> **EXERCISE DIRECTIONS**
Everything from the line containing "STEP (ISO 10303-21)" to the end of the records should be reproduced exactly, and nothing before it.
----- EXERCISE INPUTS
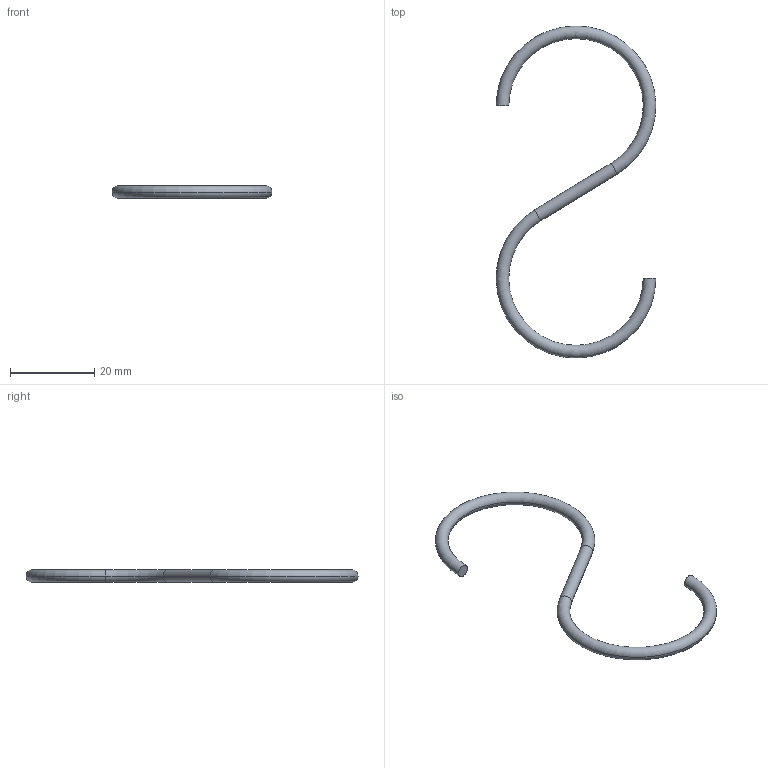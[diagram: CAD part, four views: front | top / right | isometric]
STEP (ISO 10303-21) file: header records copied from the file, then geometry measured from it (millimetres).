
FILE_DESCRIPTION (( 'STEP AP203' ), '1' );
FILE_NAME ('015.300.018.STEP', '2016-10-24T08:51:22', ( '' ), ( '' ), 'SwSTEP 2.0', 'SolidWorks 2016', '' );
FILE_SCHEMA (( 'CONFIG_CONTROL_DESIGN' ));
Length unit declared in the file: millimetre
Products named in the file (1): 015.300.018
Bounding box: 38 x 79 x 3 mm (x, y, z)
Volume: 1181.3 mm3; surface area: 1589.1 mm2
Topology: 1 solids, 1 shells, 8 faces, 14 edges, 8 vertices
Faces by surface type: torus 4, cylinder 2, plane 2
Entity records: 275 total; most frequent: DIRECTION 44, CARTESIAN_POINT 31, ORIENTED_EDGE 28, AXIS2_PLACEMENT_3D 21, EDGE_CURVE 14, CIRCLE 12, PERSON_AND_ORGANIZATION 8, VERTEX_POINT 8
----------
> **WRITTEN SOLUTION**
STEP (ISO 10303-21) file: header records copied from the file, then geometry measured from it (millimetres).
FILE_DESCRIPTION (( 'STEP AP203' ), '1' );
FILE_NAME ('015.300.018.STEP', '2016-10-24T08:51:22', ( '' ), ( '' ), 'SwSTEP 2.0', 'SolidWorks 2016', '' );
FILE_SCHEMA (( 'CONFIG_CONTROL_DESIGN' ));
Length unit declared in the file: millimetre
Products named in the file (1): 015.300.018
Bounding box: 38 x 79 x 3 mm (x, y, z)
Volume: 1181.3 mm3; surface area: 1589.1 mm2
Topology: 1 solids, 1 shells, 8 faces, 14 edges, 8 vertices
Faces by surface type: torus 4, cylinder 2, plane 2
Entity records: 275 total; most frequent: DIRECTION 44, CARTESIAN_POINT 31, ORIENTED_EDGE 28, AXIS2_PLACEMENT_3D 21, EDGE_CURVE 14, CIRCLE 12, PERSON_AND_ORGANIZATION 8, VERTEX_POINT 8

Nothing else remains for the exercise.